··· Entries provided ···

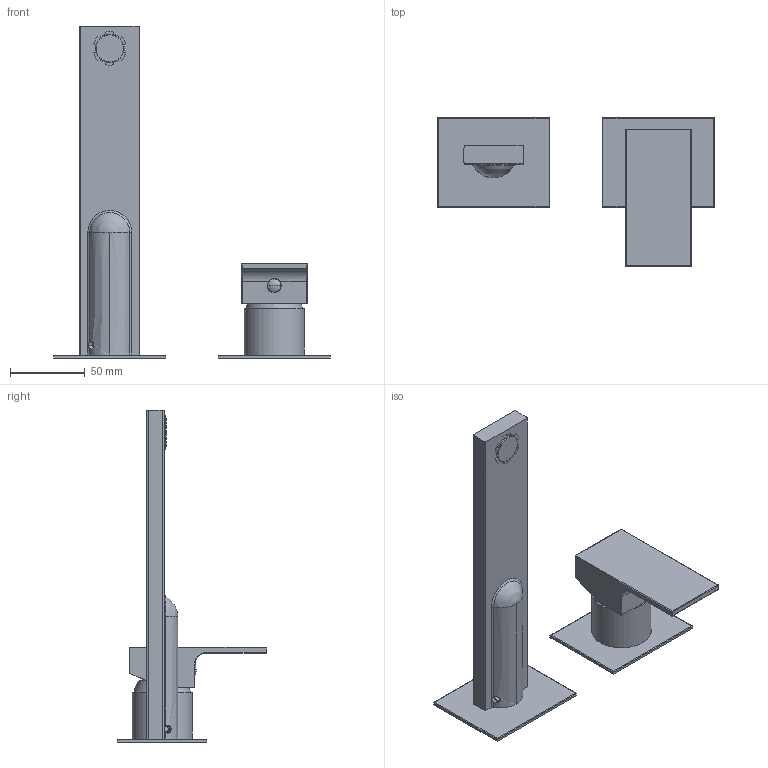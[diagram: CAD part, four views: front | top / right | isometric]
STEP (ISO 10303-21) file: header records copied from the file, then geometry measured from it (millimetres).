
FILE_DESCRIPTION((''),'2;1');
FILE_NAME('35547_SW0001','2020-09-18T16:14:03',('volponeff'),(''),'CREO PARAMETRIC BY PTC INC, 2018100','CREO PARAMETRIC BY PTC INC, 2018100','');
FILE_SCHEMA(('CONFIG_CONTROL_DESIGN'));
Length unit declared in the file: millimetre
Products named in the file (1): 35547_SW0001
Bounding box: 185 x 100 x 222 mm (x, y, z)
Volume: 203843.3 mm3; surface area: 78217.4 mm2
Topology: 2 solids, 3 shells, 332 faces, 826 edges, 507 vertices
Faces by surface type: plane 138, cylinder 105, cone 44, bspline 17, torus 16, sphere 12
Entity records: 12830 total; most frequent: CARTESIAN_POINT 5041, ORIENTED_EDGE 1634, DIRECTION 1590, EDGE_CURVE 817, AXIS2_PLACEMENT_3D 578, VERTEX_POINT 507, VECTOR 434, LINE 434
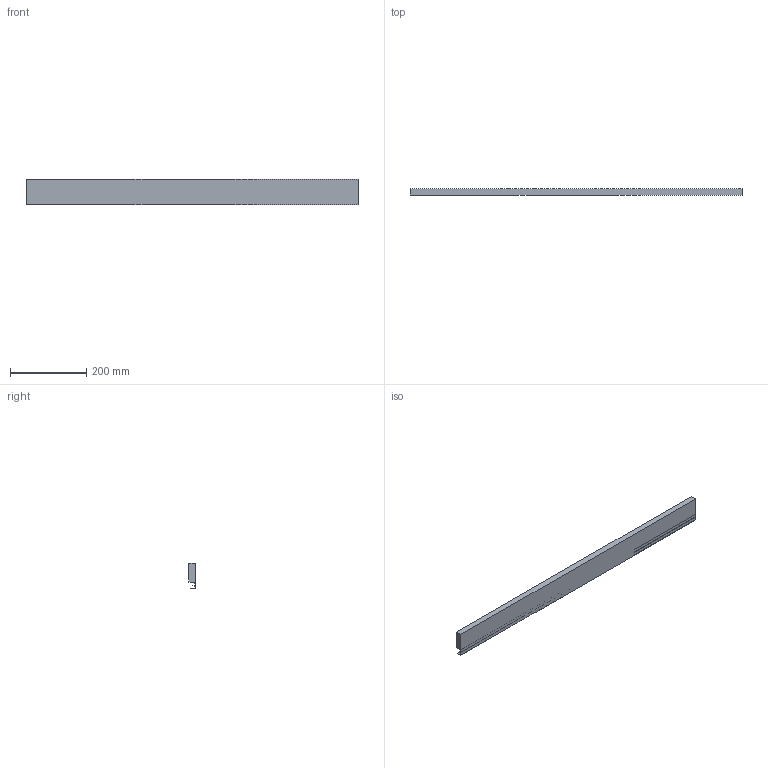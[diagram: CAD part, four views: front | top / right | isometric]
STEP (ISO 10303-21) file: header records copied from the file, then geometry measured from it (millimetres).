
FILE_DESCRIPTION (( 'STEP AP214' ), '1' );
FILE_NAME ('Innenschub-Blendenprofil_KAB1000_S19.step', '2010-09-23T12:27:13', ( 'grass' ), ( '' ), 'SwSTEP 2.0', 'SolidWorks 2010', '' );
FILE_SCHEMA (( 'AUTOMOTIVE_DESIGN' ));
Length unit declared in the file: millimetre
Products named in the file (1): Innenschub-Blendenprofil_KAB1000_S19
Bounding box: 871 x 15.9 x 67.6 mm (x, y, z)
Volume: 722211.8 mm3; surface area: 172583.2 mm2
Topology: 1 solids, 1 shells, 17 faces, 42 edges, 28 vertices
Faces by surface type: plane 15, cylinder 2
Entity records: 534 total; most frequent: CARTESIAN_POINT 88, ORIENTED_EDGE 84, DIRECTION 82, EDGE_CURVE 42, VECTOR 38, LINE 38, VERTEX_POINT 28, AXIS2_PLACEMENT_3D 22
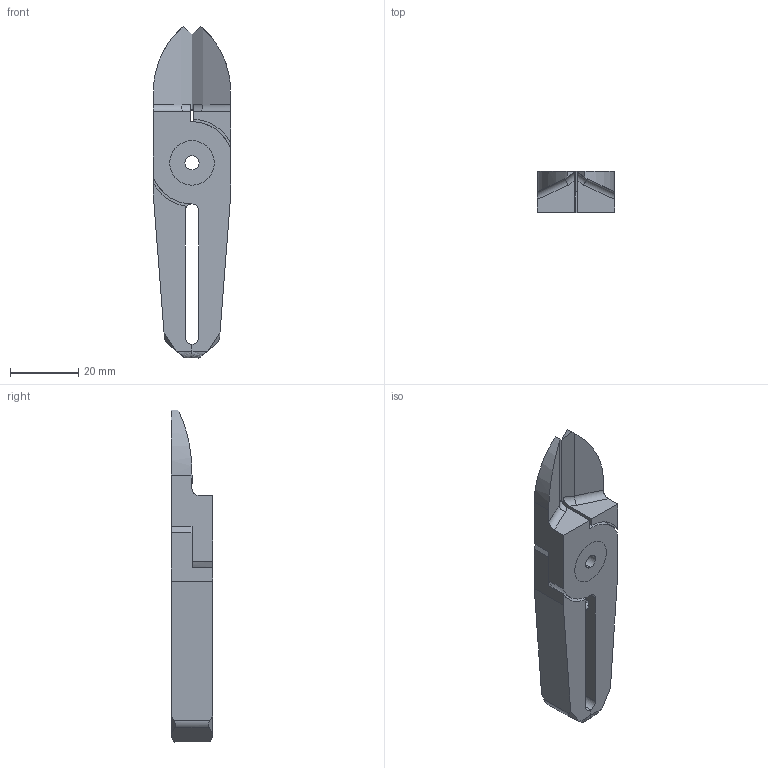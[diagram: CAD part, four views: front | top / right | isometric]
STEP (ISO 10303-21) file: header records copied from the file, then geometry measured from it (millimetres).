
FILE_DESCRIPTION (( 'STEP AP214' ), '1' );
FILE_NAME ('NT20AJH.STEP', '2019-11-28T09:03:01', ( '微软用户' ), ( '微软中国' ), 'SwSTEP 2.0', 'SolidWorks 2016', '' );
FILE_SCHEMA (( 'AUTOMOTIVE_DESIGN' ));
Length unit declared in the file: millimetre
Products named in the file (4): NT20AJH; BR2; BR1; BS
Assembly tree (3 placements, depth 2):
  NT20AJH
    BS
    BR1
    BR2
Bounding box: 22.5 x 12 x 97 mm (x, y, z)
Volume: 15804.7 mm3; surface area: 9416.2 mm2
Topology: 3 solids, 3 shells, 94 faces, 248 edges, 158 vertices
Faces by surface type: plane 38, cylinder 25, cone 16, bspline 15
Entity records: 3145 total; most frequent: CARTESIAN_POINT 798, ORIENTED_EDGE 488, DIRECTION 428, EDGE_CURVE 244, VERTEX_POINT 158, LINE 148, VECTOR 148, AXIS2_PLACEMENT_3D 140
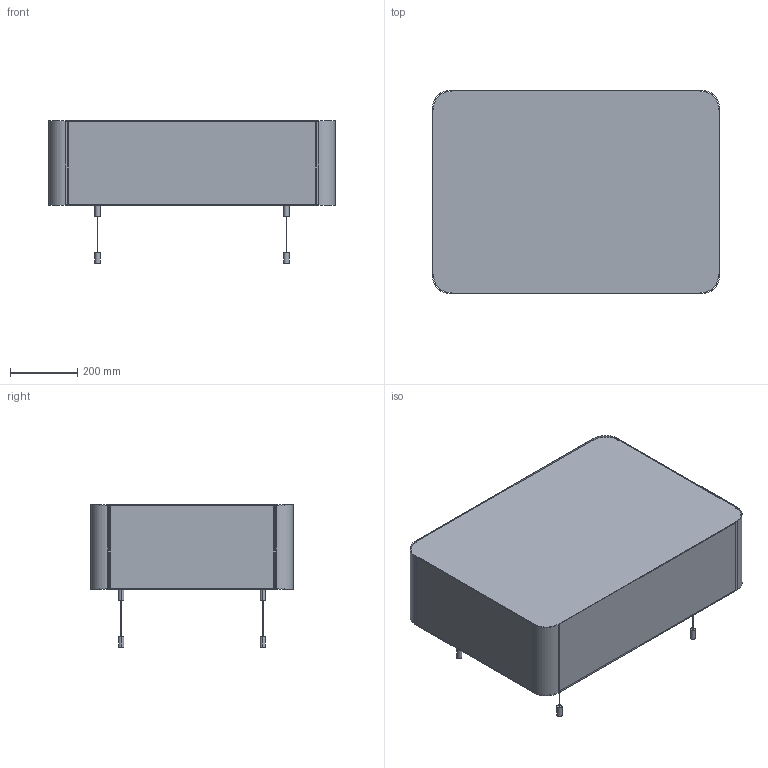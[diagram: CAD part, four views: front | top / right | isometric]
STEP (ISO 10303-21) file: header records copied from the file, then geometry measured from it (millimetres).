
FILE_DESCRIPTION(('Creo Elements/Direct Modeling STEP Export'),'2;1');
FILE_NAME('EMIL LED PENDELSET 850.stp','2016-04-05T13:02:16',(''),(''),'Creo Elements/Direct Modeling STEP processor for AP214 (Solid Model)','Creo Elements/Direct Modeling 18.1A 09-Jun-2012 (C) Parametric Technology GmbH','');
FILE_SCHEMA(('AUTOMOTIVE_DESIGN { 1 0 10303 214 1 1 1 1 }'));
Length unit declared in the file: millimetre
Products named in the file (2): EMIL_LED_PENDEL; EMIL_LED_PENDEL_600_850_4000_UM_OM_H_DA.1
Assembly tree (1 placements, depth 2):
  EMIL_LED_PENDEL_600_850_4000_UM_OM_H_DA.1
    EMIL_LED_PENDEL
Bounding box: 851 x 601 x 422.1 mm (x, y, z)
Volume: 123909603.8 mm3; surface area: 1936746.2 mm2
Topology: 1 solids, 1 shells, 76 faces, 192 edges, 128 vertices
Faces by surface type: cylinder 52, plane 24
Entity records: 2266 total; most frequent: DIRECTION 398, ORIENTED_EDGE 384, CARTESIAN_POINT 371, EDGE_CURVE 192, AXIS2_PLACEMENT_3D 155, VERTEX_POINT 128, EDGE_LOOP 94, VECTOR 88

···

» **Goal of the exercise**: Leave out the pictures and retype the rest of the entries exactly.

» **Response box**:
[diagram: CAD part, four views: front | top / right | isometric]
STEP (ISO 10303-21) file: header records copied from the file, then geometry measured from it (millimetres).
FILE_DESCRIPTION((''),'2;1');
FILE_NAME('35547_SW0001','2020-09-18T16:14:03',('volponeff'),(''),'CREO PARAMETRIC BY PTC INC, 2018100','CREO PARAMETRIC BY PTC INC, 2018100','');
FILE_SCHEMA(('CONFIG_CONTROL_DESIGN'));
Length unit declared in the file: millimetre
Products named in the file (1): 35547_SW0001
Bounding box: 185 x 100 x 222 mm (x, y, z)
Volume: 203843.3 mm3; surface area: 78217.4 mm2
Topology: 2 solids, 3 shells, 332 faces, 826 edges, 507 vertices
Faces by surface type: plane 138, cylinder 105, cone 44, bspline 17, torus 16, sphere 12
Entity records: 12830 total; most frequent: CARTESIAN_POINT 5041, ORIENTED_EDGE 1634, DIRECTION 1590, EDGE_CURVE 817, AXIS2_PLACEMENT_3D 578, VERTEX_POINT 507, VECTOR 434, LINE 434
[diagram: CAD part, four views: front | top / right | isometric]
STEP (ISO 10303-21) file: header records copied from the file, then geometry measured from it (millimetres).
FILE_DESCRIPTION (( 'STEP AP214' ), '1' );
FILE_NAME ('Innenschub-Blendenprofil_KAB1000_S19.step', '2010-09-23T12:27:13', ( 'grass' ), ( '' ), 'SwSTEP 2.0', 'SolidWorks 2010', '' );
FILE_SCHEMA (( 'AUTOMOTIVE_DESIGN' ));
Length unit declared in the file: millimetre
Products named in the file (1): Innenschub-Blendenprofil_KAB1000_S19
Bounding box: 871 x 15.9 x 67.6 mm (x, y, z)
Volume: 722211.8 mm3; surface area: 172583.2 mm2
Topology: 1 solids, 1 shells, 17 faces, 42 edges, 28 vertices
Faces by surface type: plane 15, cylinder 2
Entity records: 534 total; most frequent: CARTESIAN_POINT 88, ORIENTED_EDGE 84, DIRECTION 82, EDGE_CURVE 42, VECTOR 38, LINE 38, VERTEX_POINT 28, AXIS2_PLACEMENT_3D 22
[diagram: CAD part, four views: front | top / right | isometric]
STEP (ISO 10303-21) file: header records copied from the file, then geometry measured from it (millimetres).
FILE_DESCRIPTION (( 'STEP AP214' ), '1' );
FILE_NAME ('NT20AJH.STEP', '2019-11-28T09:03:01', ( '微软用户' ), ( '微软中国' ), 'SwSTEP 2.0', 'SolidWorks 2016', '' );
FILE_SCHEMA (( 'AUTOMOTIVE_DESIGN' ));
Length unit declared in the file: millimetre
Products named in the file (4): NT20AJH; BR2; BR1; BS
Assembly tree (3 placements, depth 2):
  NT20AJH
    BS
    BR1
    BR2
Bounding box: 22.5 x 12 x 97 mm (x, y, z)
Volume: 15804.7 mm3; surface area: 9416.2 mm2
Topology: 3 solids, 3 shells, 94 faces, 248 edges, 158 vertices
Faces by surface type: plane 38, cylinder 25, cone 16, bspline 15
Entity records: 3145 total; most frequent: CARTESIAN_POINT 798, ORIENTED_EDGE 488, DIRECTION 428, EDGE_CURVE 244, VERTEX_POINT 158, LINE 148, VECTOR 148, AXIS2_PLACEMENT_3D 140
[diagram: CAD part, four views: front | top / right | isometric]
STEP (ISO 10303-21) file: header records copied from the file, then geometry measured from it (millimetres).
FILE_DESCRIPTION(('Creo Elements/Direct Modeling STEP Export'),'2;1');
FILE_NAME('EMIL LED PENDELSET 850.stp','2016-04-05T13:02:16',(''),(''),'Creo Elements/Direct Modeling STEP processor for AP214 (Solid Model)','Creo Elements/Direct Modeling 18.1A 09-Jun-2012 (C) Parametric Technology GmbH','');
FILE_SCHEMA(('AUTOMOTIVE_DESIGN { 1 0 10303 214 1 1 1 1 }'));
Length unit declared in the file: millimetre
Products named in the file (2): EMIL_LED_PENDEL; EMIL_LED_PENDEL_600_850_4000_UM_OM_H_DA.1
Assembly tree (1 placements, depth 2):
  EMIL_LED_PENDEL_600_850_4000_UM_OM_H_DA.1
    EMIL_LED_PENDEL
Bounding box: 851 x 601 x 422.1 mm (x, y, z)
Volume: 123909603.8 mm3; surface area: 1936746.2 mm2
Topology: 1 solids, 1 shells, 76 faces, 192 edges, 128 vertices
Faces by surface type: cylinder 52, plane 24
Entity records: 2266 total; most frequent: DIRECTION 398, ORIENTED_EDGE 384, CARTESIAN_POINT 371, EDGE_CURVE 192, AXIS2_PLACEMENT_3D 155, VERTEX_POINT 128, EDGE_LOOP 94, VECTOR 88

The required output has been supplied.